Do White/Caucasian people have a different average weekly total earnings than non-white people? Test the appropriate hypothesis. Compute and interpret a 95% confidence interval for the difference between average weekly earnings for whites versus non-whites.

## 
##  Welch Two Sample t-test
## 
## data:  df$EARNWEEK by df$WHITE
## t = -0.27822, df = 208.01, p-value = 0.7811
## alternative hypothesis: true difference in means is not equal to 0
## 95 percent confidence interval:
##  -147.2326  110.8153
## sample estimates:
## mean in group 0 mean in group 1 
##        1193.459        1211.667

With a p-value equal to 0.7811, we fail to find statistical evidence that there is a difference between average earnings per week between white people and non-white people.

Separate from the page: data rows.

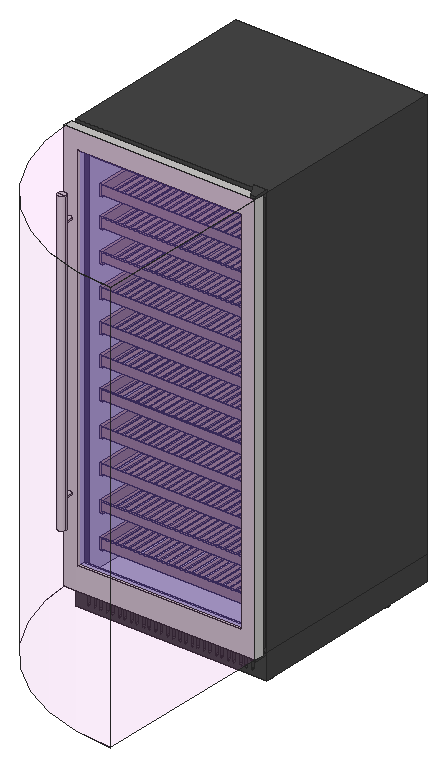
Revit family "QF_Summit_SWC1127B_Bottle_Wine_Cellar_For_Built_In", category Specialty Equipment, Revit 2020 (continued)
Definition of nested family "SWC1127B"
  Forms (in)
    Extrusion 177, solid
      sketch origin (-7.74463, -23.24324, 48) x (1, 0, 0) y (0, 0, 1)
        loop
          line (20.08575, -8.54897) -> (20.58575, -8.54897) -> (20.58575, -8.47614) -> (20.08575, -8.47614) -> (20.08575, -8.54897)
      from 0 to -13.34766
    Extrusion 178, solid
      sketch origin (-7.74463, -23.24324, 48) x (1, 0, 0) y (0, 0, 1)
        loop
          line (20.08575, -12.48647) -> (20.58575, -12.48647) -> (20.58575, -12.41364) -> (20.08575, -12.41364) -> (20.08575, -12.48647)
      from 0 to -13.34766
    Extrusion 179, solid
      sketch origin (-7.74463, -23.24324, 48) x (1, 0, 0) y (0, 0, 1)
        loop
          line (20.08575, -16.36235) -> (20.58575, -16.36235) -> (20.58575, -16.28951) -> (20.08575, -16.28951) -> (20.08575, -16.36235)
      from 0 to -13.34766
    Extrusion 180, solid
      sketch origin (-7.74463, -23.24324, 48) x (1, 0, 0) y (0, 0, 1)
        loop
          line (20.08575, -20.01838) -> (20.58575, -20.01838) -> (20.58575, -19.94555) -> (20.08575, -19.94555) -> (20.08575, -20.01838)
      from 0 to -13.34766
    Extrusion 181, solid
      sketch origin (-7.74463, -23.24324, 48) x (1, 0, 0) y (0, 0, 1)
        loop
          line (20.08575, -23.76838) -> (20.58575, -23.76838) -> (20.58575, -23.69555) -> (20.08575, -23.69555) -> (20.08575, -23.76838)
      from 0 to -13.34766
    Extrusion 182, solid
      sketch origin (-7.74463, -23.24324, 48) x (1, 0, 0) y (0, 0, 1)
        loop
          line (20.08575, -27.89338) -> (20.58575, -27.89338) -> (20.58575, -27.82055) -> (20.08575, -27.82055) -> (20.08575, -27.89338)
      from 0 to -13.34766
    Extrusion 183, solid
      sketch origin (-7.74463, -23.24324, 48) x (1, 0, 0) y (0, 0, 1)
        loop
          line (20.08575, -32.01838) -> (20.58575, -32.01838) -> (20.58575, -31.94555) -> (20.08575, -31.94555) -> (20.08575, -32.01838)
      from 0 to -13.34766
    Extrusion 184, solid
      sketch origin (-7.74463, -23.24324, 48) x (1, 0, 0) y (0, 0, 1)
        loop
          line (20.08575, -36.14426) -> (20.58575, -36.14426) -> (20.58575, -36.07142) -> (20.08575, -36.07142) -> (20.08575, -36.14426)
      from 0 to -13.34766
    Extrusion 185, solid
      sketch origin (-7.74463, -23.24324, 48) x (1, 0, 0) y (0, 0, 1)
        loop
          line (20.08575, -40.14426) -> (20.58575, -40.14426) -> (20.58575, -40.07142) -> (20.08575, -40.07142) -> (20.08575, -40.14426)
      from 0 to -13.34766
    Extrusion 186, solid
      sketch origin (-6.96268, -23.24324, 48) x (1, 0, 0) y (0, 0, 1)
        loop
          line (20.08575, -4.67397) -> (20.58575, -4.67397) -> (20.58575, -4.60114) -> (20.08575, -4.60114) -> (20.08575, -4.67397)
      from 0 to -13.34917
    Extrusion 187, solid
      sketch origin (-6.96268, -23.24324, 48) x (1, 0, 0) y (0, 0, 1)
        loop
          line (20.08575, -8.54897) -> (20.58575, -8.54897) -> (20.58575, -8.47614) -> (20.08575, -8.47614) -> (20.08575, -8.54897)
      from 0 to -13.34766
    Extrusion 188, solid
      sketch origin (-6.96268, -23.24324, 48) x (1, 0, 0) y (0, 0, 1)
        loop
          line (20.08575, -12.48647) -> (20.58575, -12.48647) -> (20.58575, -12.41364) -> (20.08575, -12.41364) -> (20.08575, -12.48647)
      from 0 to -13.34766
    Extrusion 189, solid
      sketch origin (-6.96268, -23.24324, 48) x (1, 0, 0) y (0, 0, 1)
        loop
          line (20.08575, -16.36235) -> (20.58575, -16.36235) -> (20.58575, -16.28951) -> (20.08575, -16.28951) -> (20.08575, -16.36235)
      from 0 to -13.34766
    Extrusion 190, solid
      sketch origin (-6.96268, -23.24324, 48) x (1, 0, 0) y (0, 0, 1)
        loop
          line (20.08575, -20.01838) -> (20.58575, -20.01838) -> (20.58575, -19.94555) -> (20.08575, -19.94555) -> (20.08575, -20.01838)
      from 0 to -13.34766
    Extrusion 191, solid
      sketch origin (-6.96268, -23.24324, 48) x (1, 0, 0) y (0, 0, 1)
        loop
          line (20.08575, -23.76838) -> (20.58575, -23.76838) -> (20.58575, -23.69555) -> (20.08575, -23.69555) -> (20.08575, -23.76838)
      from 0 to -13.34766
    Extrusion 192, solid
      sketch origin (-6.96268, -23.24324, 48) x (1, 0, 0) y (0, 0, 1)
        loop
          line (20.08575, -27.89338) -> (20.58575, -27.89338) -> (20.58575, -27.82055) -> (20.08575, -27.82055) -> (20.08575, -27.89338)
      from 0 to -13.34766
    Extrusion 193, solid
      sketch origin (-6.96268, -23.24324, 48) x (1, 0, 0) y (0, 0, 1)
        loop
          line (20.08575, -32.01838) -> (20.58575, -32.01838) -> (20.58575, -31.94555) -> (20.08575, -31.94555) -> (20.08575, -32.01838)
      from 0 to -13.34766
    Extrusion 194, solid
      sketch origin (-6.96268, -23.24324, 48) x (1, 0, 0) y (0, 0, 1)
        loop
          line (20.08575, -36.14426) -> (20.58575, -36.14426) -> (20.58575, -36.07142) -> (20.08575, -36.07142) -> (20.08575, -36.14426)
      from 0 to -13.34766
    Extrusion 195, solid
      sketch origin (-6.96268, -23.24324, 48) x (1, 0, 0) y (0, 0, 1)
        loop
          line (20.08575, -40.14426) -> (20.58575, -40.14426) -> (20.58575, -40.07142) -> (20.08575, -40.07142) -> (20.08575, -40.14426)
      from 0 to -13.34766
    Extrusion 196, solid
      sketch origin (-6.18074, -23.24324, 48) x (1, 0, 0) y (0, 0, 1)
        loop
          line (20.08575, -4.67397) -> (20.58575, -4.67397) -> (20.58575, -4.60114) -> (20.08575, -4.60114) -> (20.08575, -4.67397)
      from 0 to -13.34917
    Extrusion 197, solid
      sketch origin (-6.18074, -23.24324, 48) x (1, 0, 0) y (0, 0, 1)
        loop
          line (20.08575, -8.54897) -> (20.58575, -8.54897) -> (20.58575, -8.47614) -> (20.08575, -8.47614) -> (20.08575, -8.54897)
      from 0 to -13.34766
    Extrusion 198, solid
      sketch origin (-6.18074, -23.24324, 48) x (1, 0, 0) y (0, 0, 1)
        loop
          line (20.08575, -12.48647) -> (20.58575, -12.48647) -> (20.58575, -12.41364) -> (20.08575, -12.41364) -> (20.08575, -12.48647)
      from 0 to -13.34766
    Extrusion 199, solid
      sketch origin (-6.18074, -23.24324, 48) x (1, 0, 0) y (0, 0, 1)
        loop
          line (20.08575, -16.36235) -> (20.58575, -16.36235) -> (20.58575, -16.28951) -> (20.08575, -16.28951) -> (20.08575, -16.36235)
      from 0 to -13.34766
    Extrusion 200, solid
      sketch origin (-6.18074, -23.24324, 48) x (1, 0, 0) y (0, 0, 1)
        loop
          line (20.08575, -20.01838) -> (20.58575, -20.01838) -> (20.58575, -19.94555) -> (20.08575, -19.94555) -> (20.08575, -20.01838)
      from 0 to -13.34766
    Extrusion 201, solid
      sketch origin (-6.18074, -23.24324, 48) x (1, 0, 0) y (0, 0, 1)
        loop
          line (20.08575, -23.76838) -> (20.58575, -23.76838) -> (20.58575, -23.69555) -> (20.08575, -23.69555) -> (20.08575, -23.76838)
      from 0 to -13.34766
    Extrusion 202, solid
      sketch origin (-6.18074, -23.24324, 48) x (1, 0, 0) y (0, 0, 1)
        loop
          line (20.08575, -27.89338) -> (20.58575, -27.89338) -> (20.58575, -27.82055) -> (20.08575, -27.82055) -> (20.08575, -27.89338)
      from 0 to -13.34766
    Extrusion 203, solid
      sketch origin (-6.18074, -23.24324, 48) x (1, 0, 0) y (0, 0, 1)
        loop
          line (20.08575, -32.01838) -> (20.58575, -32.01838) -> (20.58575, -31.94555) -> (20.08575, -31.94555) -> (20.08575, -32.01838)
      from 0 to -13.34766
    Extrusion 204, solid
      sketch origin (-6.18074, -23.24324, 48) x (1, 0, 0) y (0, 0, 1)
        loop
          line (20.08575, -36.14426) -> (20.58575, -36.14426) -> (20.58575, -36.07142) -> (20.08575, -36.07142) -> (20.08575, -36.14426)
      from 0 to -13.34766
    Extrusion 205, solid
      sketch origin (-6.18074, -23.24324, 48) x (1, 0, 0) y (0, 0, 1)
        loop
          line (20.08575, -40.14426) -> (20.58575, -40.14426) -> (20.58575, -40.07142) -> (20.08575, -40.07142) -> (20.08575, -40.14426)
      from 0 to -13.34766
    Extrusion 206, solid
      sketch origin (-5.3988, -23.24324, 48) x (1, 0, 0) y (0, 0, 1)
        loop
          line (20.08575, -4.67397) -> (20.58575, -4.67397) -> (20.58575, -4.60114) -> (20.08575, -4.60114) -> (20.08575, -4.67397)
      from 0 to -13.34917
    Extrusion 207, solid
      sketch origin (-5.3988, -23.24324, 48) x (1, 0, 0) y (0, 0, 1)
        loop
          line (20.08575, -8.54897) -> (20.58575, -8.54897) -> (20.58575, -8.47614) -> (20.08575, -8.47614) -> (20.08575, -8.54897)
      from 0 to -13.34766
    Extrusion 208, solid
      sketch origin (-5.3988, -23.24324, 48) x (1, 0, 0) y (0, 0, 1)
        loop
          line (20.08575, -12.48647) -> (20.58575, -12.48647) -> (20.58575, -12.41364) -> (20.08575, -12.41364) -> (20.08575, -12.48647)
      from 0 to -13.34766
    Extrusion 209, solid
      sketch origin (-5.3988, -23.24324, 48) x (1, 0, 0) y (0, 0, 1)
        loop
          line (20.08575, -16.36235) -> (20.58575, -16.36235) -> (20.58575, -16.28951) -> (20.08575, -16.28951) -> (20.08575, -16.36235)
      from 0 to -13.34766
    Extrusion 210, solid
      sketch origin (-5.3988, -23.24324, 48) x (1, 0, 0) y (0, 0, 1)
        loop
          line (20.08575, -20.01838) -> (20.58575, -20.01838) -> (20.58575, -19.94555) -> (20.08575, -19.94555) -> (20.08575, -20.01838)
      from 0 to -13.34766
    Extrusion 211, solid
      sketch origin (-5.3988, -23.24324, 48) x (1, 0, 0) y (0, 0, 1)
        loop
          line (20.08575, -23.76838) -> (20.58575, -23.76838) -> (20.58575, -23.69555) -> (20.08575, -23.69555) -> (20.08575, -23.76838)
      from 0 to -13.34766
    Extrusion 212, solid
      sketch origin (-5.3988, -23.24324, 48) x (1, 0, 0) y (0, 0, 1)
        loop
          line (20.08575, -27.89338) -> (20.58575, -27.89338) -> (20.58575, -27.82055) -> (20.08575, -27.82055) -> (20.08575, -27.89338)
      from 0 to -13.34766
    Extrusion 213, solid
      sketch origin (-5.3988, -23.24324, 48) x (1, 0, 0) y (0, 0, 1)
        loop
          line (20.08575, -32.01838) -> (20.58575, -32.01838) -> (20.58575, -31.94555) -> (20.08575, -31.94555) -> (20.08575, -32.01838)
      from 0 to -13.34766
    Extrusion 214, solid
      sketch origin (-5.3988, -23.24324, 48) x (1, 0, 0) y (0, 0, 1)
        loop
          line (20.08575, -36.14426) -> (20.58575, -36.14426) -> (20.58575, -36.07142) -> (20.08575, -36.07142) -> (20.08575, -36.14426)
      from 0 to -13.34766
    Extrusion 215, solid
      sketch origin (-5.3988, -23.24324, 48) x (1, 0, 0) y (0, 0, 1)
        loop
          line (20.08575, -40.14426) -> (20.58575, -40.14426) -> (20.58575, -40.07142) -> (20.08575, -40.07142) -> (20.08575, -40.14426)
      from 0 to -13.34766
    Extrusion 216, solid
      sketch origin (-4.61685, -23.24324, 48) x (1, 0, 0) y (0, 0, 1)
        loop
          line (20.08575, -4.67397) -> (20.58575, -4.67397) -> (20.58575, -4.60114) -> (20.08575, -4.60114) -> (20.08575, -4.67397)
      from 0 to -13.34917
    Extrusion 217, solid
      sketch origin (-4.61685, -23.24324, 48) x (1, 0, 0) y (0, 0, 1)
        loop
          line (20.08575, -8.54897) -> (20.58575, -8.54897) -> (20.58575, -8.47614) -> (20.08575, -8.47614) -> (20.08575, -8.54897)
      from 0 to -13.34766
    Extrusion 218, solid
      sketch origin (-4.61685, -23.24324, 48) x (1, 0, 0) y (0, 0, 1)
        loop
          line (20.08575, -12.48647) -> (20.58575, -12.48647) -> (20.58575, -12.41364) -> (20.08575, -12.41364) -> (20.08575, -12.48647)
      from 0 to -13.34766
    Extrusion 219, solid
      sketch origin (-4.61685, -23.24324, 48) x (1, 0, 0) y (0, 0, 1)
        loop
          line (20.08575, -16.36235) -> (20.58575, -16.36235) -> (20.58575, -16.28951) -> (20.08575, -16.28951) -> (20.08575, -16.36235)
      from 0 to -13.34766
    Extrusion 220, solid
      sketch origin (-4.61685, -23.24324, 48) x (1, 0, 0) y (0, 0, 1)
        loop
          line (20.08575, -20.01838) -> (20.58575, -20.01838) -> (20.58575, -19.94555) -> (20.08575, -19.94555) -> (20.08575, -20.01838)
      from 0 to -13.34766
    Extrusion 221, solid
      sketch origin (-4.61685, -23.24324, 48) x (1, 0, 0) y (0, 0, 1)
        loop
          line (20.08575, -23.76838) -> (20.58575, -23.76838) -> (20.58575, -23.69555) -> (20.08575, -23.69555) -> (20.08575, -23.76838)
      from 0 to -13.34766
    Extrusion 222, solid
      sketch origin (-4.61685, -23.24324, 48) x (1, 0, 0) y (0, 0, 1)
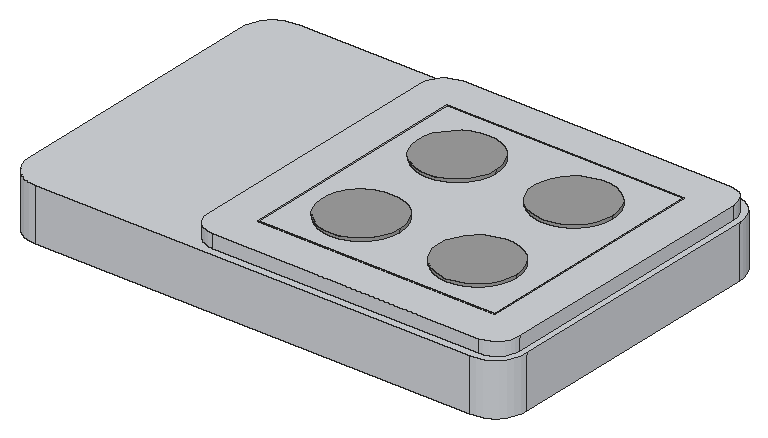
Revit family "LigULing-Industriale-GEWISS-SMART[4]UL_APPARECCHI-LED_1M", category Apparecchi per illuminazione, Revit 2019
Family settings
  Quota connettore circolare = Usa diametro
  Tipo di parte = Normale
  Numero OmniClass = 23.80.00.00
  Titolo OmniClass = Electric Power and Lighting
  Basato su piano di lavoro = Sì
  Sempre verticale = No
  Taglio con vuoti quando caricato = No
  Sorgente d'illuminazione = No
  Condiviso = No
  Punto di calcolo locali = No
Parameters (values of type "GWS4120GP857 - SMART4LB 1M ST.AL.ON/OFF UL 90° 57K")
  Voltaggio = 230 V
  Viti esterne = "Acciaio inox"
  Vetro acceso = Lampada accesa
  Versione file RFA = "20.11"
  Vano di alimentazione = "Integrato"
  URL = "https://www.gewiss.com/it/it"
  Tolleranza cromatica = "SDCM = 3"
  Tipologia sorgente luminosa = "LED - Non sostituibile"
  Tipo di installazione e montaggio = "Plafone - Parete - Sospensione"
  Tipo di apparecchio = "Riflettore industriale a LED&nbsp;"
  Tensione di alimentazione = "120-277 V"
  Temperatura di stoccaggio = "-"
  Temperatura di esercizio = "-25°C / +40 °C"
  Temperatura di colore = "5700K"
  Superficie massima esposta al vento : = "0,097 m²"
  Spostamento_Y_etichetta [instance] = 0 mm
  Spostamento_Y_effettivo_etichetta [instance] = 1500 mm - Spostamento_Y_etichetta  # 1500 mm
  Spostamento_X_etichetta [instance] = 0 mm
  Spostamento_X_effettivo_etichetta [instance] = 1500 mm - Spostamento_X_etichetta  # 1500 mm
  SostituibilitÃ  piastra di cablaggio = "Non sostituibile"
  SostituibilitÃ  gruppo ottico = "Non sostituibile"
  Sistema di controllo : = "ON / OFF"
  Sistema di controllo = "ON / OFF"
  Schermo = "Vetro Temprato Spessore 4mm"
  Scheda Tecnica = "https://www.gewiss.com/it/it/search?q=GWS4120GP857"
  SEO = ""
  Resistenza al filo incandescente = "850 °C"
  Resistenza agli urti = "IK08"
  Produttore = "GEWISS S.p.A."
  Potenza di sistema = "65W"
  Peso (kg): = "3,5"
  Ottica = "90°"
  Offset etichetta W [instance] = 120 mm
  Norma di riferimento = "UL 1598 - CSA C22.2 No. 250.0-18"
  Modello = "GWS4120GP857"
  Materiali = "-"
  Lumen output (lm) = "9100"
  Lampada = "LED"
  Installazione e manutenzione = "-"
  Informazioni generali = "-"
  Indice di resa cromatica = "CRI-80"
  Inclinazione = "Con accessorio staffa"
  Immagine tipo = GWL1071.jpg
  IPEA = "-"
  IFC.TypeObject = ""
  IFC.ExportType = ""
  IFC.ExportAs = ""
  IDT = "510f01894ba548e3aae17db348ab79c9"
  IDF = "57340efb-67d6-4d83-a0c6-3c1c2de2c4e3"
  Guarnizioni = "tipo siliconico antinvecchiamento "
  Gruppo ottico = "Riflettore in PC metallizzato e lenti in PMMA"
  Grado di protezione = "IP66"
  Garanzia = "5 anni"
  Gancio di chiusura = "-"
  Frequenza nominale (Hz) = "50/60 Hz"
  Fissaggio = "-"
  Finitura colore = "Grigio RAL 7035"
  Etichetta wattaggio [instance] = yes
  Default Elevation = 1219.2 mm
  Trasformatore = none
  Spessore plafoniera = 40 mm  # constant formula
  Proiettsmart [instance] = yes
  Raggio led = 30 mm  # constant formula
  Plafoniera = none
  Efficienza luminosa (lm/W) = "140"
  Durata di vita = "L90B10 (Tq+25°C) = 100.000 h - L90B10 (Tq+40°C) = 50.000 h"
  Dispositivo di protezione = "DM 6 kV / CM 10 kV"
  Descrizione = "SMART[4]LB 1M ST.AL.ON/OFF UL 90° 57K"
  Creato da GEWISS S.p.A. = ""
  Corpo = "PA6 “Halogen Free” caricato fibra vetro"
  Controllo abbagliamento e luminanza = "UGR - 25"
  Contesto = "Illuminazione di logistiche e locali produttivi industriali"
  Commenti sul wattaggio = "50W"
  Colore = "Grigio RAL 7035"
  Codice digitale univoco (Datamatrix) = "Datamatrix"
  Codice Electrocod = "2444"
  Classificazione: = "-"
  Classificazione = Lighting
  Classe isolamento = "I"
  Classe fotobiologica = "RG0"
  Certificazioni e classificazioni = "-"
  Certificazione DIN 18032-3 = "-"
  Catalogo = "LIGHTING"
  Carico apparente = 50 VA
  Motore = none
  Lunghezza = 383 mm  # constant formula
  Larghezza = 253 mm  # constant formula
  Distanza tot_plafoniera = 74 mm  # constant formula
  Dettaglio bidimensionale attivo [instance] = not(Proiettsmart)  # no
  Caratteristiche ottiche e illuminotecniche = "-"
  Caratteristiche elettriche e gestione della luce = "-"
  Cablaggio = "Cablaggio singolo con cavo antirespirazione che esce da PG metallico (NO Connettore) "
  COBie.Tagnumber = ""
  COBie.CreatedOn = ""
  COBie.CreatebBy = ""
  COBie.ComponentRegisterItemID = ""
  COBie.Component.TagNumber = ""
  COBie.Component.Space = ""
  COBie.Component.SerialNumber = ""
  COBie.Component.InstallationDate = ""
  COBie.Component.Description = ""
  COBie.Component.BarCode = ""
  Applicazione = "Interno"
  Apparecchio a ridotta temperatura superficiale = "Si"
  Alimentatore = "Incluso"
Types (6, lengths in mm): name | Temperatura di colore | Scheda Tecnica | SEO | Ottica | Modello | Lumen output (lm) | IDT | Gruppo ottico | Efficienza luminosa (lm/W) | Descrizione | Controllo abbagliamento e luminanza
  GWS4120GH840 - SMART4LB 1M ST.AL.ON/OFF UL 60° 40K | "4000K" | "https://www.gewiss.com/it/it/search?q=GWS4120GH840" | "" | "60°" | "GWS4120GH840" | "9000" | "ebd1c6c3f79b442cb0017b978c53287d" | "Riflettore in PC metallizzato e lenti in PMMA" | "138" | "SMART[4]LB 1M ST.AL.ON/OFF UL 60° 40K" | "UGR - 25"
  GWS4120GH857 - SMART4LB 1M ST.AL.ON/OFF UL 60° 57K | "5700K" | "https://www.gewiss.com/it/it/search?q=GWS4120GH857" | "" | "60°" | "GWS4120GH857" | "9000" | "7e41ab3992744e638de87d18b71cdc15" | "Riflettore in PC metallizzato e lenti in PMMA" | "138" | "SMART[4]LB 1M ST.AL.ON/OFF UL 60° 57K" | "UGR - 25"
  GWS4120GP840 - SMART4LB 1M ST.AL.ON/OFF UL 90° 40K | "4000K" | "https://www.gewiss.com/it/it/search?q=GWS4120GP840" | "" | "90°" | "GWS4120GP840" | "9100" | "4c23139a13e449859e34885c36cde3e1" | "Riflettore in PC metallizzato e lenti in PMMA" | "140" | "SMART[4]LB 1M ST.AL.ON/OFF UL 90° 40K" | "UGR - 25"
  GWS4120GP857 - SMART4LB 1M ST.AL.ON/OFF UL 90° 57K | "5700K" | "https://www.gewiss.com/it/it/search?q=GWS4120GP857" | "" | "90°" | "GWS4120GP857" | "9100" | "510f01894ba548e3aae17db348ab79c9" | "Riflettore in PC metallizzato e lenti in PMMA" | "140" | "SMART[4]LB 1M ST.AL.ON/OFF UL 90° 57K" | "UGR - 25"
  GWS4120GA840 - SMART4LB 1M ST.AL.ON/OFF UL ARR.40K | "4000K" | "https://www.gewiss.com/it/it/search?q=GWS4120GA840" | "Low Bay" | "Array" | "GWS4120GA840" | "8900" | "d106dacd27c24dfc9d8a4d950c89b820" | "Riflettore in PC metallizzato" | "137" | "SMART[4]LB 1M ST.AL.ON/OFF UL ARR.40K" | "-"
  GWS4120GA857 - SMART4LB 1M ST.AL.ON/OFF UL ARR.57K | "5700K" | "https://www.gewiss.com/it/it/search?q=GWS4120GA857" | "Low Bay" | "Array" | "GWS4120GA857" | "8900" | "d6e915abd97841d0a3fdcc84bbd4b3bc" | "Riflettore in PC metallizzato" | "137" | "SMART[4]LB 1M ST.AL.ON/OFF UL ARR.57K" | "-"
Reference planes
  plane 1 "Centro (Fronte/Retro)": y = 0
  plane 2: z = 0
  plane 3 "Centro (Sinistra/Destra)": x = 0
  plane 4: x = -191.5
  plane 5: y = 126.5
  plane 6: x = 191.5
  plane 7: y = -126.5
  plane 8: z = -74
  plane 9: x = -175.5
  plane 10: y = -110.5
  plane 11: y = 110.5
  plane 12: x = -60.5
  plane 13: y = 121.5
  plane 14: x = 186.5
  plane 15: y = -120
  plane 16: z = 74
  plane 17: z = 84
  plane 18: z = 86
  plane 19: x = -1500
  plane 20: y = -1500
  plane 21: x = 0
  plane 22: y = 0
Dimensions and locks
  equal spacing: plane 5, plane 1 "Centro (Fronte/Retro)", plane 7
  equal spacing: plane 4, plane 3 "Centro (Sinistra/Destra)", plane 6
  "Lunghezza": plane 4 to plane 6
  "Larghezza": plane 5 to plane 7
  locked: plane 14 to plane 6 at 5
  locked: plane 5 to plane 13 at 5
  nested 3 to plane 8 = 133.058 mm
  locked: plane 4 to plane 9 at 16
  "Offset etichetta W": plane 1 "Centro (Fronte/Retro)" to plane 15
  "Distanza tot_plafoniera": plane 16 to level
  locked: plane 18 to plane 17 at 2
  plane 19 to plane 3 "Centro (Sinistra/Destra)" = 1500 mm
  plane 1 "Centro (Fronte/Retro)" to plane 20 = 1500 mm
  "Spostamento_Y_effettivo_etichetta": plane 22 to plane 20
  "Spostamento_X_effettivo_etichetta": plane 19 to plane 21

We are 95% confident that white people earn somewhere between $147.23 less than non-white people to $110.81 more than non-white people.

Problem 3

Is there a relationship between educational attainment and weekly earnings? Test the appropriate hypothesis. Construct and interpret a 95% confidence interval for the appropriate statistic. Comment on the nature of the relationship.

## 
##  Pearson's product-moment correlation
## 
## data:  df$EDUCYRS and df$EARNWEEK
## t = 16.329, df = 1061, p-value < 2.2e-16
## alternative hypothesis: true correlation is not equal to 0
## 95 percent confidence interval:
##  0.398753 0.494927
## sample estimates:
##       cor 
## 0.4481357

With a p-value less than \(2.2 \times 10^{-16}\), we find sufficient statistical evidence that there is a correlation between education and earnings. We are 95% confident the true correlation coefficient is between 0.39 and 0.49. The correlation is positive. On average, men who have higher levels of education have higher earnings.

Problem 4

Test the hypothesis that employed men work on average more than 40 hours per week. Construct and interpret a 95% confidence interval for the average number of hours that men usually work per week.

## 
##  One Sample t-test
## 
## data:  df$UHRSWORKT
## t = 15.06, df = 1062, p-value < 2.2e-16
## alternative hypothesis: true mean is greater than 40
## 95 percent confidence interval:
##  43.98167      Inf
## sample estimates:
## mean of x 
##  44.47037

With a p-value less than \(2.2 \times 10^{-16}\), we find sufficient statistical evidence that men on average work more than 40 hours per week.

## 
##  One Sample t-test
## 
## data:  df$UHRSWORKT
## t = 15.06, df = 1062, p-value < 2.2e-16
## alternative hypothesis: true mean is not equal to 40
## 95 percent confidence interval:
##  43.88789 45.05284
## sample estimates:
## mean of x 
##  44.47037

We are 95% confident that men on average work between 43.9 hours per week and 45.1 hours per week.

Problem 5

What other variables in the dataset do you think may affect usual hourly earnings? Describe the relationship you may expect? What statistical tests would you use to determine if these relationships exist?

We found evidence that education is positively correlated with earnings.

I expect that usual hours worked is also positively correlated with earnings. This could be measured with a correlation.

I expect that partners’ earnings are also positively correlated with earnings. This could be measured with a correlation.